Судорожно выдохнула, прижимаясь к его горячему напряженному телу.
POV. Гвидон
Кто-то тряс меня за плечи, но я с трудом осознавал происходящее. Сплюнул, ощутив сладковатый привкус крови на языке. Я очнулся на скамейке с сердцем, вывернутым наружу, однако телесные повреждения так и не смогли заглушить душевную боль.
«Все кончено», – вопила каждая клеточка пострадавшей плоти. Я влюбился по самые уши и всё потерял. Стал убийцей нашей любви, каким-то внутренним зрением наблюдая, как она распласталась на тротуаре, корчась в предсмертных муках.
Между мной и Ассоль всё кончено. Бесповоротно. Все любимые женщины рано или поздно меня покидают. Соля не стала исключением, а ведь кроме этих заполошных признаний в пылу страсти я не рассказал ей главного.
Она так и не узнала, что для меня это было «навсегда». С самой первой встречи чувства сбили с ног. Меня крючило и ломало от силы её нежности. Плющило от желания всецело ей обладать.
– *** – пытался вникнуть в смысл слов, но английская речь звучала путанее китайской.

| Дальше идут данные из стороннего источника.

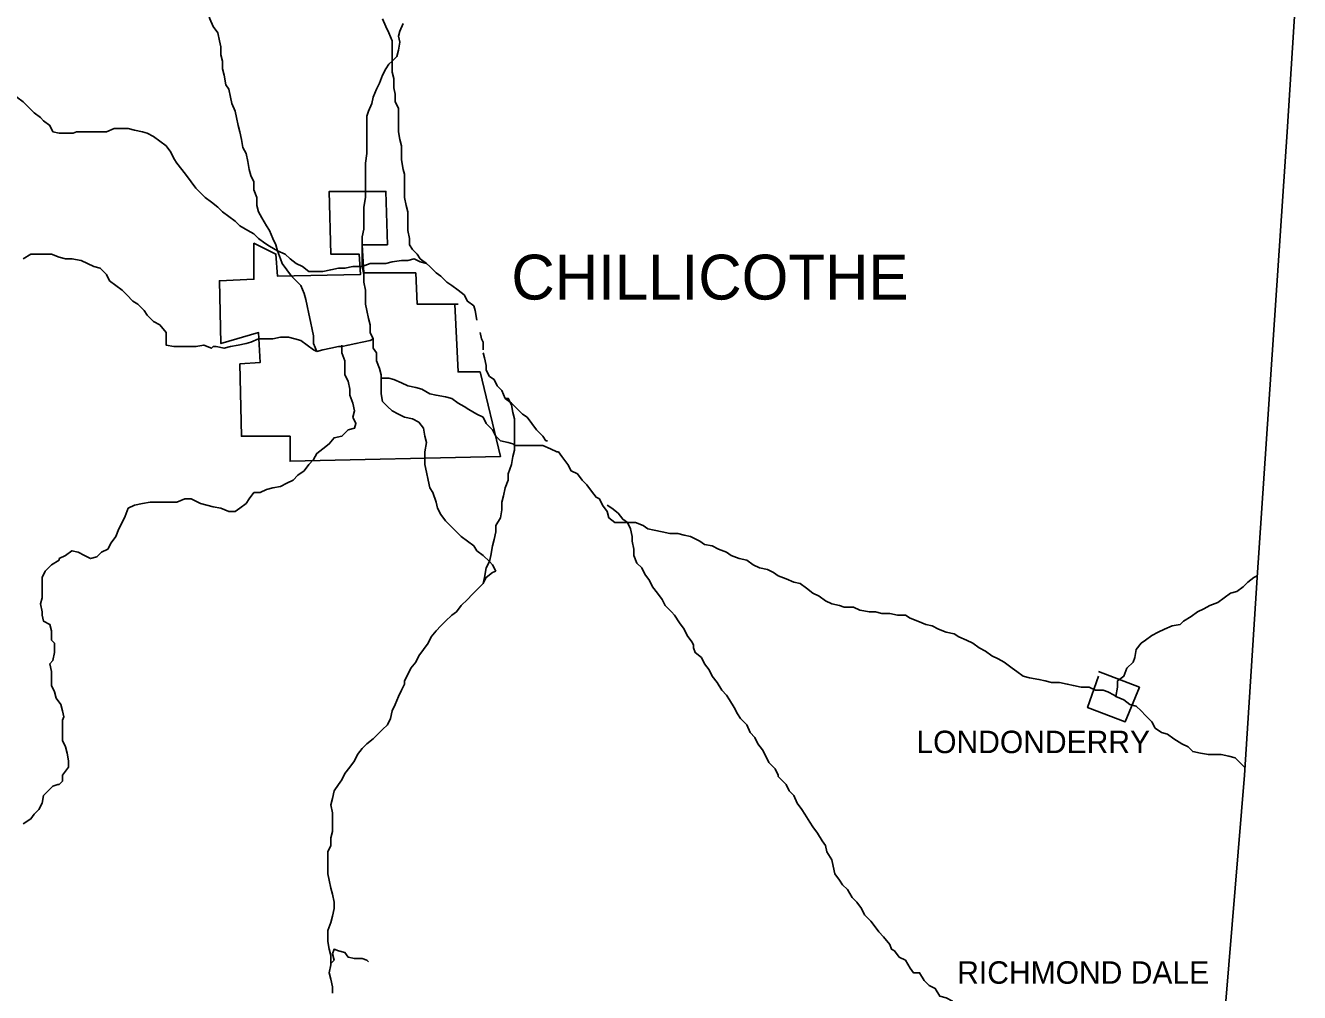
# Model space of a CAD drawing. Extents: x 0 to 34, y 0 to 22.
# Drawn here: x 5.85 to 6.957, y 18.617 to 19.457 of the extents above; entities that cross this region are included whole.
import ezdxf

# ---------------------------------------------------------------- set-up
doc = ezdxf.new("R2010")
doc.units = 0
doc.layers.add('Default', color=7, linetype='Continuous')

msp = doc.modelspace()

# ---------------------------------------------------------------- linework, layer by layer
at = {"layer": 'Default'}
for p, q in [((6.2462, 19.1847), (6.2449, 19.1901)), ((6.2462, 19.1847), (6.2476, 19.1819)), ((6.2476, 19.1751), (6.2476, 19.1819)), ((6.2489, 19.1683), (6.2476, 19.1724)), ((6.2489, 19.1683), (6.2503, 19.1615)), ((6.2503, 19.1574), (6.2503, 19.1615)), ((6.253, 19.152), (6.2503, 19.1574)), ((6.2503, 19.1574), (6.253, 19.152)), ((6.2571, 19.1492), (6.253, 19.152)), ((6.2571, 19.1492), (6.2599, 19.1438)), ((6.2599, 19.1438), (6.2639, 19.1397)), ((6.2667, 19.1329), (6.2639, 19.1397))]:
    msp.add_line(p, q, dxfattribs=at)
for points in [[(6.9566, 19.5337), (6.9457, 19.3646), (6.9197, 18.9774), (6.9088, 18.8056), (6.8925, 18.6093)], [(6.024, 19.4055), (6.0226, 19.4137), (6.0213, 19.4192), (6.0213, 19.426), (6.0199, 19.4315), (6.0199, 19.4383), (6.0185, 19.4437), (6.0172, 19.4505), (6.0131, 19.456), (6.0103, 19.4628), (6.009, 19.4669), (6.009, 19.4669)], [(6.1685, 19.426), (6.1685, 19.4315), (6.1685, 19.4383), (6.1685, 19.4437), (6.1658, 19.4505), (6.1631, 19.456), (6.1603, 19.4628)], [(6.1685, 19.426), (6.1726, 19.4301), (6.174, 19.4355), (6.1753, 19.4424), (6.174, 19.4478), (6.1753, 19.4519), (6.178, 19.4587)], [(6.1426, 19.2474), (6.1426, 19.2542), (6.1426, 19.261), (6.1426, 19.2665), (6.1426, 19.2733), (6.144, 19.2801), (6.144, 19.2869), (6.144, 19.2937), (6.144, 19.2992), (6.1453, 19.3074), (6.1453, 19.3128), (6.1453, 19.3197), (6.1453, 19.3265), (6.1453, 19.3319), (6.1453, 19.3374), (6.1467, 19.3456), (6.1467, 19.351), (6.1467, 19.3578), (6.1467, 19.3646), (6.1467, 19.3715), (6.1467, 19.3783), (6.1481, 19.3824), (6.1508, 19.3892), (6.1521, 19.3946), (6.1549, 19.4015), (6.1576, 19.4069), (6.1603, 19.4137), (6.1631, 19.4192), (6.1658, 19.4233), (6.1685, 19.426)], [(6.1821, 19.2951), (6.1808, 19.3006), (6.1794, 19.3074), (6.1794, 19.3142), (6.1794, 19.321), (6.1794, 19.3278), (6.178, 19.3319), (6.1767, 19.3401), (6.1767, 19.3456), (6.1767, 19.3524), (6.1753, 19.3578), (6.174, 19.3646), (6.174, 19.3715), (6.174, 19.3783), (6.174, 19.3851), (6.1712, 19.3906), (6.1712, 19.3974), (6.1699, 19.4028), (6.1699, 19.411), (6.1685, 19.4165), (6.1685, 19.4219), (6.1685, 19.426)], [(5.7922, 19.4165), (5.7977, 19.4151), (5.8045, 19.4137), (5.8113, 19.4137), (5.8167, 19.411), (5.8236, 19.4083), (5.829, 19.4055), (5.8331, 19.4028), (5.8386, 19.4001), (5.8426, 19.3946), (5.8481, 19.3906), (5.8522, 19.3865), (5.8576, 19.381), (5.8631, 19.3769), (5.8658, 19.3742), (5.8658, 19.3742)], [(6.0526, 19.2951), (6.0512, 19.3006), (6.0512, 19.3074), (6.0485, 19.3142), (6.0485, 19.321), (6.0458, 19.3265), (6.0444, 19.3319), (6.0431, 19.3387), (6.0417, 19.3456), (6.039, 19.351), (6.0376, 19.3578), (6.0363, 19.3646), (6.0349, 19.3701), (6.0335, 19.3769), (6.0322, 19.3824), (6.0294, 19.3892), (6.0281, 19.3946), (6.0267, 19.4015), (6.024, 19.4055)], [(5.8658, 19.3742), (5.8713, 19.3701), (5.874, 19.3646), (5.8795, 19.3633), (5.8876, 19.3633), (5.8917, 19.3633), (5.8945, 19.3646)], [(5.8945, 19.3646), (5.9013, 19.3646), (5.9067, 19.3646), (5.9149, 19.3646), (5.9204, 19.3646), (5.9272, 19.3674), (5.9326, 19.3674), (5.9394, 19.3674), (5.9449, 19.366), (5.9517, 19.3646), (5.9558, 19.3633), (5.9613, 19.3606), (5.9667, 19.3565), (5.9722, 19.3524), (5.9763, 19.3469), (5.979, 19.3415), (5.9817, 19.3374), (5.9858, 19.3319), (5.9899, 19.3265), (5.994, 19.321), (5.9981, 19.3156), (6.0022, 19.3115), (6.0063, 19.3074), (6.0117, 19.3033), (6.0172, 19.2992), (6.0213, 19.2951), (6.0267, 19.291), (6.0322, 19.2869), (6.0363, 19.2828), (6.0431, 19.2788), (6.0485, 19.276), (6.0526, 19.2719), (6.0581, 19.2678), (6.0622, 19.2651), (6.069, 19.261), (6.069, 19.261), (6.069, 19.261)], [(6.2258, 19.2147), (6.223, 19.2147), (6.2258, 19.156), (6.2449, 19.156), (6.2626, 19.0824), (6.0799, 19.0783), (6.0799, 19.1001), (6.0376, 19.1001), (6.0363, 19.1629), (6.054, 19.1642), (6.0526, 19.1901), (6.0199, 19.1806), (6.0185, 19.2351), (6.0485, 19.2365), (6.0485, 19.2678), (6.0676, 19.2583), (6.069, 19.2392), (6.1412, 19.2406), (6.1399, 19.2583), (6.1153, 19.2583), (6.114, 19.3128), (6.1631, 19.3128), (6.1644, 19.2665), (6.1426, 19.2665), (6.144, 19.2419), (6.189, 19.2419), (6.1903, 19.2147), (6.223, 19.2147)], [(6.069, 19.261), (6.0676, 19.2665), (6.0649, 19.2719), (6.0622, 19.2788), (6.0594, 19.2828), (6.0553, 19.2897), (6.0526, 19.2951), (6.0526, 19.2951), (6.0526, 19.2951)], [(6.1985, 19.2501), (6.193, 19.2542), (6.1903, 19.2583), (6.1862, 19.2624), (6.1835, 19.2665), (6.1835, 19.2719), (6.1821, 19.2788), (6.1821, 19.2856), (6.1821, 19.291), (6.1821, 19.2951)], [(5.8481, 19.2542), (5.8549, 19.2583), (5.8604, 19.2583), (5.8658, 19.2583), (5.8726, 19.2583), (5.8795, 19.2556), (5.8849, 19.2542), (5.8904, 19.2542), (5.8985, 19.2528), (5.904, 19.2501), (5.9095, 19.2474), (5.9149, 19.246), (5.9204, 19.2406), (5.9231, 19.2351), (5.9285, 19.231), (5.934, 19.2269), (5.9381, 19.2229), (5.9435, 19.2174), (5.9476, 19.2147), (5.9531, 19.2092), (5.9558, 19.2051), (5.9613, 19.1997), (5.9667, 19.1969), (5.9722, 19.1901), (5.9722, 19.1847), (5.9722, 19.1792), (5.979, 19.1779), (5.9858, 19.1779), (5.9926, 19.1779), (5.9981, 19.1779), (6.0049, 19.1792), (6.0117, 19.1765), (6.0131, 19.1779), (6.0158, 19.1779)], [(6.1031, 19.1738), (6.1003, 19.1806), (6.1003, 19.1874), (6.099, 19.1929), (6.0976, 19.1997), (6.0962, 19.2065), (6.0949, 19.2133), (6.0935, 19.2188), (6.0922, 19.2242), (6.0894, 19.231), (6.0853, 19.2351), (6.0812, 19.2392), (6.0772, 19.2447), (6.0731, 19.2501), (6.0717, 19.2542), (6.069, 19.261)], [(6.069, 19.261), (6.0758, 19.2583), (6.0799, 19.2542), (6.0853, 19.2501), (6.0908, 19.2474), (6.0962, 19.2433), (6.1031, 19.2433), (6.1085, 19.2433), (6.1153, 19.2447), (6.1221, 19.246), (6.1276, 19.246), (6.1344, 19.2474), (6.1412, 19.2474), (6.1426, 19.2474)], [(6.1426, 19.2474), (6.1494, 19.2501), (6.1562, 19.2501), (6.1631, 19.2501), (6.1685, 19.2515), (6.1767, 19.2528), (6.1821, 19.2528), (6.1876, 19.2542), (6.193, 19.2515), (6.1985, 19.2501), (6.1985, 19.2501)], [(6.1521, 19.1847), (6.1494, 19.1901), (6.1494, 19.1969), (6.1481, 19.2024), (6.1467, 19.2092), (6.1453, 19.2147), (6.1453, 19.2215), (6.1453, 19.2269), (6.144, 19.2338), (6.144, 19.2406), (6.1426, 19.2474), (6.1426, 19.2474)], [(6.2421, 19.201), (6.2408, 19.2092), (6.2394, 19.2133), (6.2339, 19.2174), (6.2312, 19.2229), (6.2258, 19.2269), (6.2203, 19.231), (6.2162, 19.2338), (6.2108, 19.2392), (6.2067, 19.2419), (6.2012, 19.2474), (6.1985, 19.2501)], [(6.1985, 19.2501), (6.2012, 19.2474), (6.2067, 19.2419), (6.2108, 19.2392), (6.2162, 19.2338), (6.2203, 19.231), (6.2258, 19.2269), (6.2312, 19.2229), (6.2339, 19.2174), (6.2394, 19.2133), (6.2408, 19.2092), (6.2421, 19.201)], [(6.0158, 19.1779), (6.0226, 19.1765), (6.0281, 19.1779), (6.0349, 19.1792), (6.0417, 19.1806), (6.0458, 19.1819), (6.0526, 19.1847), (6.0581, 19.1847), (6.0649, 19.1847), (6.0717, 19.186), (6.0785, 19.186), (6.084, 19.1847), (6.0894, 19.1833), (6.0949, 19.1792), (6.1003, 19.1751), (6.1031, 19.1738)], [(5.8795, 18.9938), (5.8849, 18.9965), (5.8904, 19.0006), (5.8958, 18.9992), (5.9013, 18.9965), (5.9067, 18.9938), (5.9122, 18.9952), (5.9163, 18.9992), (5.9217, 19.002), (5.9245, 19.0074), (5.9285, 19.0129), (5.9313, 19.0197), (5.934, 19.0252), (5.9367, 19.0306), (5.9394, 19.0374), (5.9449, 19.0402), (5.9517, 19.0415), (5.9585, 19.0429), (5.964, 19.0429), (5.9708, 19.0429), (5.9776, 19.0429), (5.9817, 19.0429), (5.9885, 19.0456), (5.994, 19.0456), (6.0022, 19.0415), (6.0076, 19.0402), (6.0131, 19.0388), (6.0199, 19.0374), (6.0267, 19.0347), (6.0322, 19.0347), (6.0363, 19.0374), (6.0417, 19.0415), (6.0444, 19.0456), (6.0485, 19.0511), (6.054, 19.0511), (6.0594, 19.0538), (6.0649, 19.0551), (6.0717, 19.0565), (6.0772, 19.0592), (6.0826, 19.062), (6.0867, 19.0661), (6.0922, 19.0701), (6.0962, 19.0756), (6.1003, 19.0797), (6.1031, 19.0851), (6.1085, 19.0892), (6.114, 19.0933), (6.1181, 19.0988), (6.1249, 19.1001), (6.1303, 19.1056), (6.1358, 19.107), (6.1371, 19.1111), (6.1344, 19.1165), (6.1358, 19.122), (6.1344, 19.1288), (6.1317, 19.1356), (6.1317, 19.141), (6.1303, 19.1479), (6.1276, 19.1533), (6.1276, 19.1601), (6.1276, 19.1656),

Две женщины нависали надо мной, указывая на испорченную одежду и окровавленные части тела. Они советовали поехать в больницу, но я не собирался тратить время на эту ерунду. Нужно привести себя в порядок и снова ехать к Ассоль.
Я решил вымолить её прощение.
Буду каждый день сидеть под окнами, пока Соля не сжалится надо мной. Попытался подняться, оглушенный шумом в ушах, но, пошатнувшись, сполз на лавку.
Отчаянно шарил в карманах в надежде найти бумажник или телефон, заскулив от бессилия, когда ничего не вышло.
– Сука-а-а… – амбал Уинстона обчистил меня, бросив истекать кровью на тротуаре.
Щуря заплывшие глаза, я не мог пошевелиться, зачарованно разглядывая закатное солнце. Оно напоминало огромный мясистый помидор. Наверное, моя рожа сейчас выглядела примерно так же.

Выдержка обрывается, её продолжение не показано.